I've got a fairly reasonable knowledge of the technical ins and outs of music theory/acoustics, so I know how these things are created, how they interact etc etc.

As to why they work in the way they do - do you know what? I don't want to know. There are some things in life I'm just happy to accept that simply, well, just are.

Music IMHO is possibly the single greatest thing humans have ever produced or can experience, and I'm quite happy for it to retain a certain degree of mystery, it's about the one thing on earth that would sadden me if reduced to a simple* formula.

:cool:






*or more likely, not so simple :D
 
Spion said:
No. But if you want a fascinating explanation of how it works (and some superb examples too) then watch this http://www.channel4.com/culture/microsites/H/how_music_works/harmony.html

I torrented it. If you want a copy PM me

I missed most of those and was GUTTED about it - are they aroundon public torrents or private type stuff only?
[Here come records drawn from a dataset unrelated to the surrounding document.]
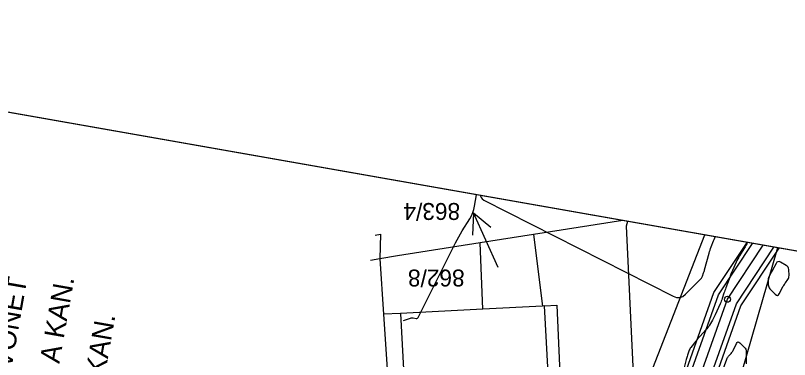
# Model space of a CAD drawing. Extents: x -534481 to -534262, y -1190577 to -1190138.
# Drawn here: x -534379.97 to -534341.14, y -1190154.95 to -1190137.67 of the extents above; entities that cross this region are included whole.
import ezdxf

# ---------------------------------------------------------------- set-up
doc = ezdxf.new("R2010")
doc.units = 0
for name, color, linetype in [('Bonity', 7, 'Continuous'), ('Definiční body', 7, 'Continuous'), ('OMP', 7, 'Continuous'), ('Polygon budovy', 7, 'Continuous'), ('Polygon parcely', 7, 'Continuous'), ('Vrstva 18', 7, 'Continuous'), ('Vrstva 19', 7, 'Continuous'), ('Vrstva 30', 7, 'Continuous'), ('Vrstva 35', 7, 'Continuous'), ('Vrstva 37', 7, 'Continuous'), ('Vrstva 43', 7, 'Continuous'), ('Vrstva 47', 7, 'Continuous')]:
    doc.layers.add(name, color=color, linetype=linetype)

msp = doc.modelspace()

# ---------------------------------------------------------------- linework, layer by layer
at = {"layer": 'Bonity'}
msp.add_lwpolyline([(-534342.428, -1190234.65), (-534342.865, -1190226.62), (-534344.323, -1190207.198), (-534345.257, -1190192.285), (-534345.89, -1190175.458), (-534346.05, -1190156.962), (-534344.257, -1190151.926), (-534342.463, -1190149.215)], dxfattribs=at)
at = {"layer": 'Definiční body'}
for p, q in [((-534349.508, -1190147.972), (-534353.99, -1190148.68)), ((-534353.99, -1190148.68), (-534356.66, -1190149.1)), ((-534353.99, -1190148.68), (-534353.54, -1190152.27)), ((-534356.53, -1190152.42), (-534356.66, -1190149.1)), ((-534361.7, -1190149.89), (-534362.153, -1190149.978)), ((-534361.7, -1190149.89), (-534361.51, -1190152.68)), ((-534353.54, -1190152.27), (-534356.53, -1190152.42)), ((-534353.43, -1190152.26), (-534353.54, -1190152.27))]:
    msp.add_line(p, q, dxfattribs=at)
for points in [[(-534349.263, -1190148.015), (-534349.33, -1190148.26), (-534348.67, -1190162.35), (-534348.64, -1190164.35), (-534348.75, -1190166.39), (-534349.02, -1190168.37), (-534349.42, -1190170.33), (-534353.85, -1190185.89), (-534354.6, -1190189.86), (-534354.75, -1190192.89), (-534354.73, -1190197.08)], [(-534361.93, -1190148.713), (-534361.66, -1190148.66), (-534361.7, -1190149.89)], [(-534347.19, -1190196.18), (-534347.17, -1190176.21), (-534348.39, -1190156.38), (-534345.398, -1190148.697)], [(-534356.66, -1190149.1), (-534360.81, -1190149.75), (-534361.7, -1190149.89)], [(-534341.743, -1190149.341), (-534343.82, -1190156.54), (-534343.24, -1190185.5)], [(-534356.05, -1190164.42), (-534352.78, -1190164.24), (-534353.43, -1190152.26)], [(-534353.43, -1190152.26), (-534352.82, -1190152.23), (-534352.3, -1190164.02), (-534352.41, -1190166), (-534352.72, -1190168), (-534353.15, -1190169.96), (-534355.5, -1190178.16)], [(-534356.53, -1190152.42), (-534360.66, -1190152.64), (-534361.51, -1190152.68)], [(-534361.51, -1190152.68), (-534361.14, -1190158.2), (-534360.62, -1190167.61)]]:
    msp.add_lwpolyline(points, dxfattribs=at)
at = {"layer": 'Polygon parcely'}
msp.add_lwpolyline([(-534359.85, -1190167.58), (-534356.61, -1190167.47), (-534356.7, -1190164.46), (-534356.05, -1190164.42), (-534352.78, -1190164.24), (-534353.43, -1190152.26), (-534353.54, -1190152.27), (-534356.53, -1190152.42), (-534360.66, -1190152.64)], close=True, dxfattribs=at)
at = {"layer": 'Vrstva 18'}
msp.add_lwpolyline([(-534343.253, -1190149.075), (-534343.29, -1190149.144), (-534343.318, -1190149.193), (-534343.346, -1190149.242), (-534343.374, -1190149.291), (-534343.404, -1190149.34), (-534343.649, -1190149.741), (-534343.695, -1190149.818), (-534343.738, -1190149.897), (-534343.779, -1190149.976), (-534343.817, -1190150.057), (-534344.008, -1190150.476), (-534344.024, -1190150.511), (-534344.039, -1190150.548), (-534344.053, -1190150.584), (-534344.065, -1190150.621), (-534344.115, -1190150.77), (-534344.127, -1190150.807), (-534344.14, -1190150.844), (-534344.154, -1190150.881), (-534344.168, -1190150.918), (-534344.336, -1190151.357), (-534344.361, -1190151.423), (-534344.385, -1190151.489), (-534344.409, -1190151.555), (-534344.431, -1190151.622), (-534344.52, -1190151.889), (-534344.543, -1190151.956), (-534344.568, -1190152.022), (-534344.595, -1190152.087), (-534344.623, -1190152.151), (-534344.877, -1190152.71), (-534344.909, -1190152.777), (-534344.941, -1190152.843), (-534344.976, -1190152.908), (-534345.012, -1190152.972), (-534345.159, -1190153.227), (-534345.198, -1190153.29), (-534345.24, -1190153.35), (-534345.285, -1190153.407), (-534345.334, -1190153.462), (-534345.627, -1190153.774), (-534345.684, -1190153.836), (-534345.74, -1190153.9), (-534345.794, -1190153.964), (-534345.846, -1190154.031), (-534346.089, -1190154.346), (-534346.12, -1190154.39), (-534346.147, -1190154.436), (-534346.171, -1190154.485), (-534346.19, -1190154.535), (-534346.26, -1190154.741), (-534346.277, -1190154.793), (-534346.294, -1190154.845), (-534346.309, -1190154.897), (-534346.323, -1190154.95), (-534346.461, -1190155.487)], dxfattribs=at)
at = {"layer": 'Vrstva 19'}
for points in [[(-534360.503, -1190152.994), (-534360.156, -1190152.869), (-534360.121, -1190152.859), (-534360.086, -1190152.854), (-534360.051, -1190152.854), (-534360.015, -1190152.859), (-534359.872, -1190152.887), (-534359.838, -1190152.889), (-534359.81, -1190152.881), (-534359.786, -1190152.864), (-534359.767, -1190152.836), (-534357.9, -1190149.097), (-534357.82, -1190148.941), (-534357.736, -1190148.787), (-534357.648, -1190148.635), (-534357.557, -1190148.484), (-534357.185, -1190147.887), (-534357.099, -1190147.735), (-534357.03, -1190147.577), (-534356.975, -1190147.413), (-534356.937, -1190147.243), (-534356.837, -1190146.68)], [(-534356.652, -1190146.713), (-534356.651, -1190146.726), (-534356.617, -1190146.814), (-534356.556, -1190146.887), (-534356.47, -1190146.945), (-534346.982, -1190151.777), (-534346.812, -1190151.837), (-534346.651, -1190151.841), (-534346.5, -1190151.787), (-534346.358, -1190151.677), (-534345.591, -1190150.904), (-534345.563, -1190150.873), (-534345.54, -1190150.84), (-534345.521, -1190150.804), (-534345.506, -1190150.765), (-534345.453, -1190150.607), (-534345.44, -1190150.568), (-534345.428, -1190150.528), (-534345.416, -1190150.488), (-534345.405, -1190150.448), (-534345.179, -1190149.609), (-534345.157, -1190149.53), (-534345.132, -1190149.453), (-534345.105, -1190149.376), (-534345.076, -1190149.299), (-534344.955, -1190148.996), (-534344.925, -1190148.92), (-534344.898, -1190148.843), (-534344.879, -1190148.788)], [(-534344.523, -1190155.574), (-534344.293, -1190154.931), (-534344.276, -1190154.889), (-534344.254, -1190154.849), (-534344.229, -1190154.812), (-534344.2, -1190154.777), (-534344.075, -1190154.642), (-534344.045, -1190154.607), (-534344.019, -1190154.571), (-534343.994, -1190154.532), (-534343.973, -1190154.492), (-534343.807, -1190154.144), (-534343.772, -1190154.093), (-534343.733, -1190154.07), (-534343.688, -1190154.077), (-534343.637, -1190154.114), (-534343.396, -1190154.347), (-534343.363, -1190154.386), (-534343.339, -1190154.429), (-534343.325, -1190154.476), (-534343.322, -1190154.527), (-534343.326, -1190154.739), (-534343.326, -1190154.792), (-534343.326, -1190154.844), (-534343.326, -1190154.897), (-534343.324, -1190154.95), (-534343.318, -1190155.166)]]:
    msp.add_lwpolyline(points, dxfattribs=at)
msp.add_lwpolyline([(-534341.193, -1190150.364), (-534341.218, -1190150.308), (-534341.257, -1190150.261), (-534341.31, -1190150.224), (-534341.605, -1190150.062), (-534341.67, -1190150.038), (-534341.727, -1190150.04), (-534341.776, -1190150.07), (-534341.817, -1190150.126), (-534341.999, -1190150.473), (-534342.019, -1190150.51), (-534342.04, -1190150.548), (-534342.061, -1190150.586), (-534342.083, -1190150.623), (-534342.171, -1190150.771), (-534342.19, -1190150.808), (-534342.204, -1190150.848), (-534342.211, -1190150.888), (-534342.214, -1190150.931), (-534342.211, -1190151.194), (-534342.205, -1190151.25), (-534342.189, -1190151.303), (-534342.164, -1190151.351), (-534342.129, -1190151.395), (-534341.86, -1190151.677), (-534341.804, -1190151.721), (-534341.752, -1190151.731), (-534341.705, -1190151.708), (-534341.662, -1190151.651), (-534341.455, -1190151.273), (-534341.429, -1190151.228), (-534341.403, -1190151.184), (-534341.374, -1190151.141), (-534341.345, -1190151.098), (-534341.226, -1190150.929), (-534341.2, -1190150.886), (-534341.182, -1190150.84), (-534341.172, -1190150.792), (-534341.17, -1190150.741), (-534341.183, -1190150.429)], close=True, dxfattribs=at)
at = {"layer": 'Vrstva 30'}
msp.add_line((-534261.668, -1190163.461), (-534407.912, -1190137.674), dxfattribs=at)
msp.add_lwpolyline([(-534261.668, -1190163.461), (-534407.912, -1190137.674), (-534426.145, -1190241.079), (-534279.901, -1190266.866)], dxfattribs=at)
at = {"layer": 'Vrstva 35'}
for points in [[(-534343.317, -1190232.109), (-534343.613, -1190226.668), (-534345.072, -1190207.25), (-534346.006, -1190192.323), (-534346.64, -1190175.475), (-534346.801, -1190156.835), (-534344.933, -1190151.588), (-534343.268, -1190149.073)], [(-534343.067, -1190232.098), (-534343.364, -1190226.652), (-534344.822, -1190207.233), (-534345.756, -1190192.31), (-534346.39, -1190175.47), (-534346.551, -1190156.878), (-534344.708, -1190151.701), (-534343, -1190149.12)], [(-534342.068, -1190232.057), (-534342.366, -1190226.587), (-534343.825, -1190207.164), (-534344.757, -1190192.26), (-534345.39, -1190175.446), (-534345.55, -1190157.046), (-534343.807, -1190152.151), (-534341.926, -1190149.309)], [(-534341.818, -1190232.046), (-534342.116, -1190226.571), (-534343.575, -1190207.147), (-534344.507, -1190192.248), (-534345.14, -1190175.441), (-534345.299, -1190157.088), (-534343.581, -1190152.264), (-534341.657, -1190149.357)]]:
    msp.add_lwpolyline(points, dxfattribs=at)
at = {"layer": 'Vrstva 37'}
msp.add_circle((-534344.257, -1190151.926), 0.15, dxfattribs=at)
msp.add_circle((-534344.257, -1190151.926), 0.15, dxfattribs=at)
msp.add_circle((-534344.257, -1190151.926), 0.15, dxfattribs=at)
msp.add_circle((-534344.257, -1190151.926), 0.15, dxfattribs=at)
msp.add_circle((-534344.257, -1190151.926), 0.15, dxfattribs=at)
msp.add_circle((-534344.257, -1190151.926), 0.15, dxfattribs=at)
at = {"layer": 'Vrstva 43'}
msp.add_line((-534261.668, -1190163.461), (-534407.912, -1190137.674), dxfattribs=at)
at = {"layer": 'Vrstva 47'}
for p, q in [((-534356.987, -1190147.586), (-534357.037, -1190148.705)), ((-534355.766, -1190150.328), (-534356.987, -1190147.586)), ((-534356.987, -1190147.586), (-534356.122, -1190148.298))]:
    msp.add_line(p, q, dxfattribs=at)

# ---------------------------------------------------------------- texts
at = {"layer": 'OMP'}
for s, p in [('TELEKOMUNIKAČNÍ KABEL - AVONET', (-534383.565, -1190174.687)), ('KANALIZACE - SLOVÁCKÉ VDV A KAN.', (-534381.281, -1190175.09)), ('VODOVOD - SLOVÁCKÉ VDV A KAN.', (-534378.962, -1190175.499))]:
    msp.add_text(s, height=1, rotation=79.9998, dxfattribs=at).set_placement(p)
at = {"layer": 'Polygon budovy'}
for s, p in [('863/4', (-534357.665, -1190147.093)), ('862/8', (-534357.44, -1190150.435))]:
    msp.add_text(s, height=0.85, rotation=180, dxfattribs=at).set_placement(p)

doc.saveas('drawing.dxf')

Oh, and for me medieval plainsong always makes me shiver and feel all 'spiritual'...
 
beesonthewhatnow said:
I've got a fairly reasonable knowledge of the technical ins and outs of music theory/acoustics, so I know how these things are created, how they interact etc etc.

As to why they work in the way they do - do you know what? I don't want to know. There are some things in life I'm just happy to accept that simply, well, just are.

Music IMHO is possibly the single greatest thing humans have ever produced or can experience, and I'm quite happy for it to retain a certain degree of mystery, it's about the one thing on earth that would sadden me if reduced to a simple* formula.

:cool:






*or more likely, not so simple :D

Well in some ways it has - there are well known (and known for a few centuries now) harmonies, certain types of tune structure etc that will always get an emotional reaction from the listener - the KLFs 'How to have a no.1 hit record' and SAW in the 80s are both examples of it (and even if you hated 99% of their output, there's probably at least one of their tunes that will make you smile, get your foot tapping etc). As you get further into more obscure Euroclassical much of it becomes spectaculary samey - partly because every Hans, Friedrich and Pyotr wanted to be the next Bach/Mozart/Beethoven (which also shows that very little changes when it comes to music), but also because if you want to tell a story in music that has a happy bit, a sad bit, a happy and sad bit and finally a rapturously happy/suicidally sad ending unless you're really talented there are constraining rules of how you can musically 'talk' to people's feelings.

Or something. Top posts BTW fruits
 
Dubversion said:
. . a certain kind of close harmony (think Gillian Welch with David Rawlings or Emmylou and Gram or the girls from Freakwater) will just make me melt, make the hairs stand up on my arms, even make me cry (like Rachel Unthank did the other day on the radio).

I'd never have had you down as liking something like Rachel Unthank :D

Saw her and her lot at the Big Session festie a few months ago - was v. good indeed. You heard their cover of the Antony and the Johnsons track?